[Data for analysis — start]

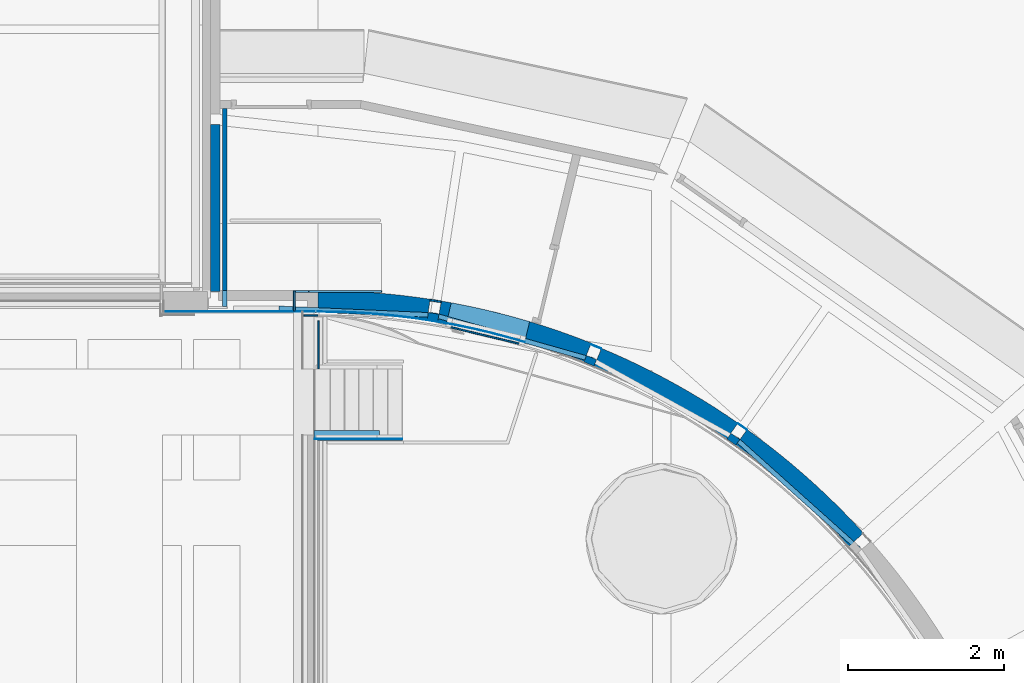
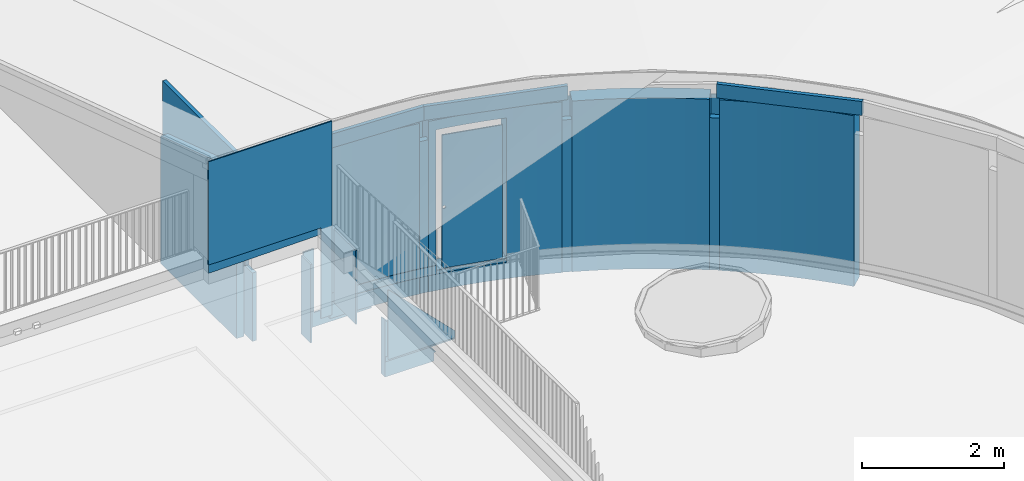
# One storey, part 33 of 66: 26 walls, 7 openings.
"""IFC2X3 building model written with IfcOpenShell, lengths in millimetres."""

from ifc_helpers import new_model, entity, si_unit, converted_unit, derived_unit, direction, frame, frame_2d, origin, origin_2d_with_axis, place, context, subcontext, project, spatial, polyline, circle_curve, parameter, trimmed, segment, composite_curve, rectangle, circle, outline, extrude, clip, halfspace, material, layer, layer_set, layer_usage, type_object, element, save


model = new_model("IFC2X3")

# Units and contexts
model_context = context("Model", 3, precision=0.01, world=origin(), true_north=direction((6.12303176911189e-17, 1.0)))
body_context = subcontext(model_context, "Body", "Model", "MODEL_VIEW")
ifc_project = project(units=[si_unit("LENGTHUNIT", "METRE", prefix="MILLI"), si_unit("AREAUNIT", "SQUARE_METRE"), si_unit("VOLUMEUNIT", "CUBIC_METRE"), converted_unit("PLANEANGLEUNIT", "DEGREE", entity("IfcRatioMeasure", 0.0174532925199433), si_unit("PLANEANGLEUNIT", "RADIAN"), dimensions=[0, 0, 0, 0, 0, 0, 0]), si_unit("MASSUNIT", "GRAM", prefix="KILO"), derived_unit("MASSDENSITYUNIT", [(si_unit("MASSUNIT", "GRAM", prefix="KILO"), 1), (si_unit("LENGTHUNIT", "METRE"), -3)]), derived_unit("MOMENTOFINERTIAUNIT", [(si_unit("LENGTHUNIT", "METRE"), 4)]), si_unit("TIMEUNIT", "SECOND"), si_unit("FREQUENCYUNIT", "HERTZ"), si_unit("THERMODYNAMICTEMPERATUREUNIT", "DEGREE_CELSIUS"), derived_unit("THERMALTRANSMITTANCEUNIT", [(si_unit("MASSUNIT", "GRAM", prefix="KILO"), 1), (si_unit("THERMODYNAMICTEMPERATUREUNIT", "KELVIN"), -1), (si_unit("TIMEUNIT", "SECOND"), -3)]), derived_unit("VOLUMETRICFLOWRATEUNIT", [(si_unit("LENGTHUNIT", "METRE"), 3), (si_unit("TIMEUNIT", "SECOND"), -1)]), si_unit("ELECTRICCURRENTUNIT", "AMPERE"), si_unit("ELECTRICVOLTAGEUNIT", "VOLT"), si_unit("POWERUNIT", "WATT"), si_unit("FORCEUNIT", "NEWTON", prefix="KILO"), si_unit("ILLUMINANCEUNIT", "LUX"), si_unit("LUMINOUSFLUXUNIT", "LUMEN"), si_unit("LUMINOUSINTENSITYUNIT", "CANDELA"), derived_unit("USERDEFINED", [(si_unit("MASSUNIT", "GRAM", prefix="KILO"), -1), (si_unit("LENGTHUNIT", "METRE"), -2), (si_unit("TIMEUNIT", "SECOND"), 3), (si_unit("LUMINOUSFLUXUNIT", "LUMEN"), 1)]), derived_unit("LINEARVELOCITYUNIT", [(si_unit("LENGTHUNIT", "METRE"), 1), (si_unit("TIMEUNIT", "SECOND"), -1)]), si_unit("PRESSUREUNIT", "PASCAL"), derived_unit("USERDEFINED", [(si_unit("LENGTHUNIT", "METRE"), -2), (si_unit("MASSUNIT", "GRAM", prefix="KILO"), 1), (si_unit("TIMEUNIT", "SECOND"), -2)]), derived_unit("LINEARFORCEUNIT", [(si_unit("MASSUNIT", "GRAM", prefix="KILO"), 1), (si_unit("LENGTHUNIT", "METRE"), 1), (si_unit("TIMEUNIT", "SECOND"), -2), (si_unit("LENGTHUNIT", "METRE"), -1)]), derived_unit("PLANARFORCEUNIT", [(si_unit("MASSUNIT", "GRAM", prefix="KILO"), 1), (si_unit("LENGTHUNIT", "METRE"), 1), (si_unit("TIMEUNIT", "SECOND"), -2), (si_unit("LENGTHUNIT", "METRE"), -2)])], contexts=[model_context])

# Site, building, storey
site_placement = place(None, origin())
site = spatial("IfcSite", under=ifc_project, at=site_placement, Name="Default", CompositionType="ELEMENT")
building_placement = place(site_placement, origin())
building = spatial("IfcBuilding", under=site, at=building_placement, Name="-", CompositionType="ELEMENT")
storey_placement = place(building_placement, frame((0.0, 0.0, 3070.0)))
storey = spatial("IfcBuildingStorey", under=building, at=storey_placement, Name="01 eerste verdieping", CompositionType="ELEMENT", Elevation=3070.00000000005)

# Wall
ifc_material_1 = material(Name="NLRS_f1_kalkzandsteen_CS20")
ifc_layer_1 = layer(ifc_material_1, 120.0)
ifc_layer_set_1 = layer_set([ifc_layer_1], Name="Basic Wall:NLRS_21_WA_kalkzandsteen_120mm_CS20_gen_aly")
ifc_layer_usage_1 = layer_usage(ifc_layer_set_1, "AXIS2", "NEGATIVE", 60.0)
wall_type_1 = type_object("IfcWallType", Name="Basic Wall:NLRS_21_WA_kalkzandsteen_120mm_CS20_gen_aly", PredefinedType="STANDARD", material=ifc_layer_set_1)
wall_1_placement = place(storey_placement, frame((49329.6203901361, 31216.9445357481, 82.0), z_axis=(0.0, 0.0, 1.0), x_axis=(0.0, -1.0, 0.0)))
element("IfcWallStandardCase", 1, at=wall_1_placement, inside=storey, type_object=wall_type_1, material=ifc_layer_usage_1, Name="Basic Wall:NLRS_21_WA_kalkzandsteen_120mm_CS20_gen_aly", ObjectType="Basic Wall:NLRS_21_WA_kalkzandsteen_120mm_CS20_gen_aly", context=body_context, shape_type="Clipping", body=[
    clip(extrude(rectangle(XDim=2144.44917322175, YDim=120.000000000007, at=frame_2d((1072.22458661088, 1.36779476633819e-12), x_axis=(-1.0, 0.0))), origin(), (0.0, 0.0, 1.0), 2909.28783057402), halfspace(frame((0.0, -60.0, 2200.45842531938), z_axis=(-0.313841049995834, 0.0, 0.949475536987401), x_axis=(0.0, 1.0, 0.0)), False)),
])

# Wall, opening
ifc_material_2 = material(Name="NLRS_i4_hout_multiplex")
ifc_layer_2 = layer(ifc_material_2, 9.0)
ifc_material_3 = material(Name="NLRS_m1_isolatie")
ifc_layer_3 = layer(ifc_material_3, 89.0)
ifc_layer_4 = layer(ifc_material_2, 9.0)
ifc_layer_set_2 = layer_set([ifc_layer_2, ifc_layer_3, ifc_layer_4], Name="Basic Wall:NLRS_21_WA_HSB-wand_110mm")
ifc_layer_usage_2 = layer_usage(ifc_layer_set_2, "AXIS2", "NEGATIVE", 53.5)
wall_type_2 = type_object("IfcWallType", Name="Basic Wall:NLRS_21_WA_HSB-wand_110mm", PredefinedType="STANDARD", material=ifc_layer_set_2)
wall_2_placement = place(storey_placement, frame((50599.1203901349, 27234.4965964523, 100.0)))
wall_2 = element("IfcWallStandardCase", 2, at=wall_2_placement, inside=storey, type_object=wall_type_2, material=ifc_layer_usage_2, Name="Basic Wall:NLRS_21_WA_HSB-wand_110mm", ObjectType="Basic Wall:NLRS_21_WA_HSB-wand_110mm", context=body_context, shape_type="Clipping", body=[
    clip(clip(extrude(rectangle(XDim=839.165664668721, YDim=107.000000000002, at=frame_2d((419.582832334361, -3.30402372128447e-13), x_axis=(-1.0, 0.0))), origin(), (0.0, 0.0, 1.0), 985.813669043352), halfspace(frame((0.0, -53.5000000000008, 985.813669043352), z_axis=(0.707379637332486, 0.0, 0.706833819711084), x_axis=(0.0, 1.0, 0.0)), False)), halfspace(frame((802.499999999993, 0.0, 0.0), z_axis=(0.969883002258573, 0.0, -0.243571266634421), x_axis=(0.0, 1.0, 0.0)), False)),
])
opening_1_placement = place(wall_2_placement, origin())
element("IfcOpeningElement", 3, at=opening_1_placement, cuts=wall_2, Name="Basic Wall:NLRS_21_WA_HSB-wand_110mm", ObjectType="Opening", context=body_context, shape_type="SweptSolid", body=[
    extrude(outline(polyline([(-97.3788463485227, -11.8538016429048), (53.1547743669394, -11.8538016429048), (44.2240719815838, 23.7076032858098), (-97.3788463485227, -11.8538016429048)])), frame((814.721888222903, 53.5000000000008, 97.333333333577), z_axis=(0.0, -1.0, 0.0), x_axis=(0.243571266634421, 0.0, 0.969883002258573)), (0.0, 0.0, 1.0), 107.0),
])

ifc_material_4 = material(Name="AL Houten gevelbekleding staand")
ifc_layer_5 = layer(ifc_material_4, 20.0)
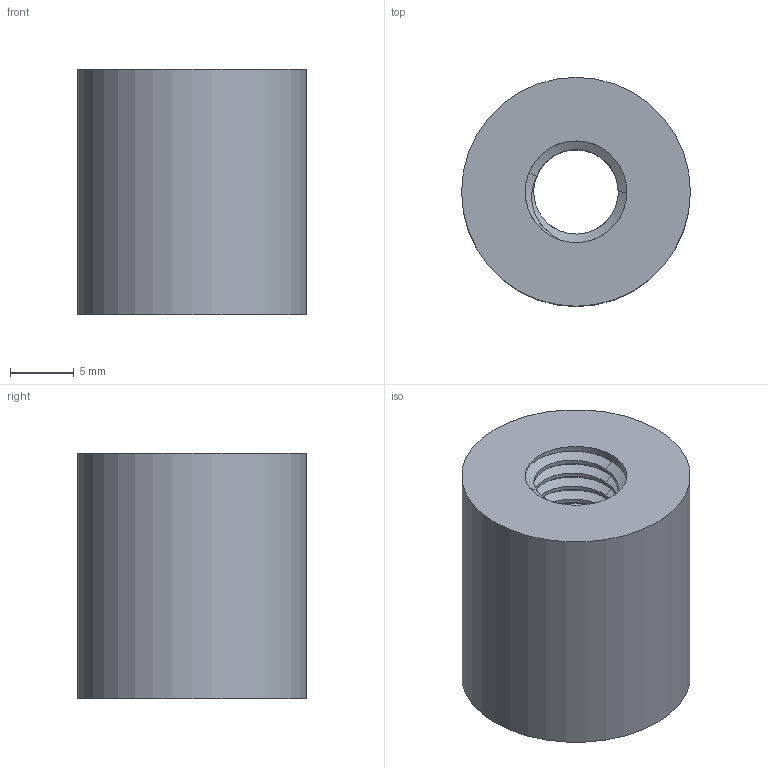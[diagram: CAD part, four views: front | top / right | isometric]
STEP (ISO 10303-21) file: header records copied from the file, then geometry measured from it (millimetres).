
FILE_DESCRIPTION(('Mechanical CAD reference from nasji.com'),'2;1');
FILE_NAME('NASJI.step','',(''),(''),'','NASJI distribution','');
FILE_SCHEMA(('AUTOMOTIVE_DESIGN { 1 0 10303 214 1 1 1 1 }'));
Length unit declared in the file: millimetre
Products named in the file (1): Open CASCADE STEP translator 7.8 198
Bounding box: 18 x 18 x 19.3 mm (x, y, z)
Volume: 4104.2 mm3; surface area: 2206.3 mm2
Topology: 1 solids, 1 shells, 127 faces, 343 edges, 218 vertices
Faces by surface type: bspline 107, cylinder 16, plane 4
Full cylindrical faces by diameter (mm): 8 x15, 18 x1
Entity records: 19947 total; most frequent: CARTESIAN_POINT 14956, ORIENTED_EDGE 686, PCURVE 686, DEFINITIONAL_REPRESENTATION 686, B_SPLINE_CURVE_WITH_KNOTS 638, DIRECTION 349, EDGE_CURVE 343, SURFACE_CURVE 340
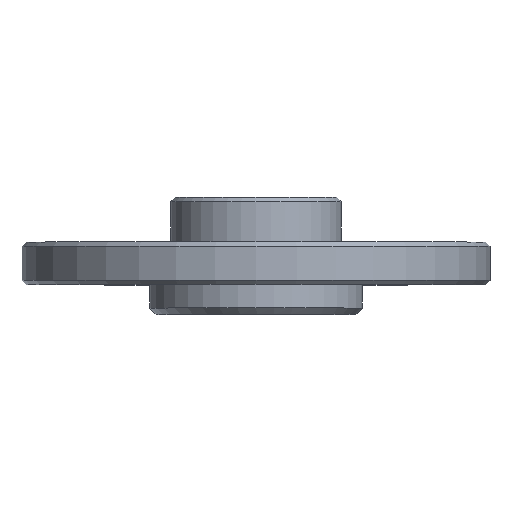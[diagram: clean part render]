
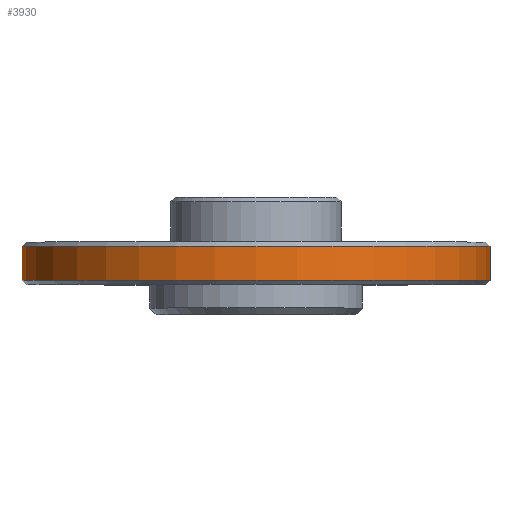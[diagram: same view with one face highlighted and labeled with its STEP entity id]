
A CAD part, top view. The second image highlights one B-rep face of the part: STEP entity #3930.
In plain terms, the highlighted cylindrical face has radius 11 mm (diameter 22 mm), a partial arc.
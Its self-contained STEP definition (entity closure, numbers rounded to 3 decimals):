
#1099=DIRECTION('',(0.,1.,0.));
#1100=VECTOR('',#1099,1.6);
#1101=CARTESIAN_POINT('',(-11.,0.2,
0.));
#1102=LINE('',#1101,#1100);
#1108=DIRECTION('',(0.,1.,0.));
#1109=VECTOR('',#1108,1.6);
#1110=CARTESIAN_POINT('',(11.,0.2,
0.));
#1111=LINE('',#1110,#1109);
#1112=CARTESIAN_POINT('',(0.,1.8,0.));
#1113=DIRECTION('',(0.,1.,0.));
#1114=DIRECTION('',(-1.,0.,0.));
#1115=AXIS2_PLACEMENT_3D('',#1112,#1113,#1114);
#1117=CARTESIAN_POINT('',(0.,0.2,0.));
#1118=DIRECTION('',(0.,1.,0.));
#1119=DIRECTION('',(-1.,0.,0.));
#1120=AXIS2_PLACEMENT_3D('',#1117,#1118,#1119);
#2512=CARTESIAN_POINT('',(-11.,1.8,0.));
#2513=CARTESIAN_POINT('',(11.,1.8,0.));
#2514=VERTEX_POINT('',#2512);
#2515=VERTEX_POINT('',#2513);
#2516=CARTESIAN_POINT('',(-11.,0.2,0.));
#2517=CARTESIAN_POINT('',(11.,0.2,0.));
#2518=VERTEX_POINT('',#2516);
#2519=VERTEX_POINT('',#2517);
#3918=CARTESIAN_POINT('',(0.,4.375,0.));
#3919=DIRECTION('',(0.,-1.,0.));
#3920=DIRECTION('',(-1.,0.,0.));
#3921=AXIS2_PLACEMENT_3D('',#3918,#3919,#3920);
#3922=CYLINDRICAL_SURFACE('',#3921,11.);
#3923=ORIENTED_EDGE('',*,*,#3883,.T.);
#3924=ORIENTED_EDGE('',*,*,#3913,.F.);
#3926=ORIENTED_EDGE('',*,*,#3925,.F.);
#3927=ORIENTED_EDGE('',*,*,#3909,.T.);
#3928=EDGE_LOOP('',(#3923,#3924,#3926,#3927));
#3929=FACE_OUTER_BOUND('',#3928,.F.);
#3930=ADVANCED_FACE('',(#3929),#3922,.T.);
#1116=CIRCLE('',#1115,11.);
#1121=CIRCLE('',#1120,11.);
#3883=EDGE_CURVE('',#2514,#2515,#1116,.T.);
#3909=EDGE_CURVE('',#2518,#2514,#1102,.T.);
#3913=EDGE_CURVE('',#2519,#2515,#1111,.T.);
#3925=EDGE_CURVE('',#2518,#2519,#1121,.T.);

[Data for analysis — finish]

Your assignment: Among the records above, extract exactly the lines from the line with "#1118=DIRECTION('',(0.,1.,0.));" to the line with "#3909=EDGE_CURVE('',#2518,#2514,#1102,.T.);", both lines included, and leave out the rest.

Finished task:
#1118=DIRECTION('',(0.,1.,0.));
#1119=DIRECTION('',(-1.,0.,0.));
#1120=AXIS2_PLACEMENT_3D('',#1117,#1118,#1119);
#2512=CARTESIAN_POINT('',(-11.,1.8,0.));
#2513=CARTESIAN_POINT('',(11.,1.8,0.));
#2514=VERTEX_POINT('',#2512);
#2515=VERTEX_POINT('',#2513);
#2516=CARTESIAN_POINT('',(-11.,0.2,0.));
#2517=CARTESIAN_POINT('',(11.,0.2,0.));
#2518=VERTEX_POINT('',#2516);
#2519=VERTEX_POINT('',#2517);
#3918=CARTESIAN_POINT('',(0.,4.375,0.));
#3919=DIRECTION('',(0.,-1.,0.));
#3920=DIRECTION('',(-1.,0.,0.));
#3921=AXIS2_PLACEMENT_3D('',#3918,#3919,#3920);
#3922=CYLINDRICAL_SURFACE('',#3921,11.);
#3923=ORIENTED_EDGE('',*,*,#3883,.T.);
#3924=ORIENTED_EDGE('',*,*,#3913,.F.);
#3926=ORIENTED_EDGE('',*,*,#3925,.F.);
#3927=ORIENTED_EDGE('',*,*,#3909,.T.);
#3928=EDGE_LOOP('',(#3923,#3924,#3926,#3927));
#3929=FACE_OUTER_BOUND('',#3928,.F.);
#3930=ADVANCED_FACE('',(#3929),#3922,.T.);
#1116=CIRCLE('',#1115,11.);
#1121=CIRCLE('',#1120,11.);
#3883=EDGE_CURVE('',#2514,#2515,#1116,.T.);
#3909=EDGE_CURVE('',#2518,#2514,#1102,.T.);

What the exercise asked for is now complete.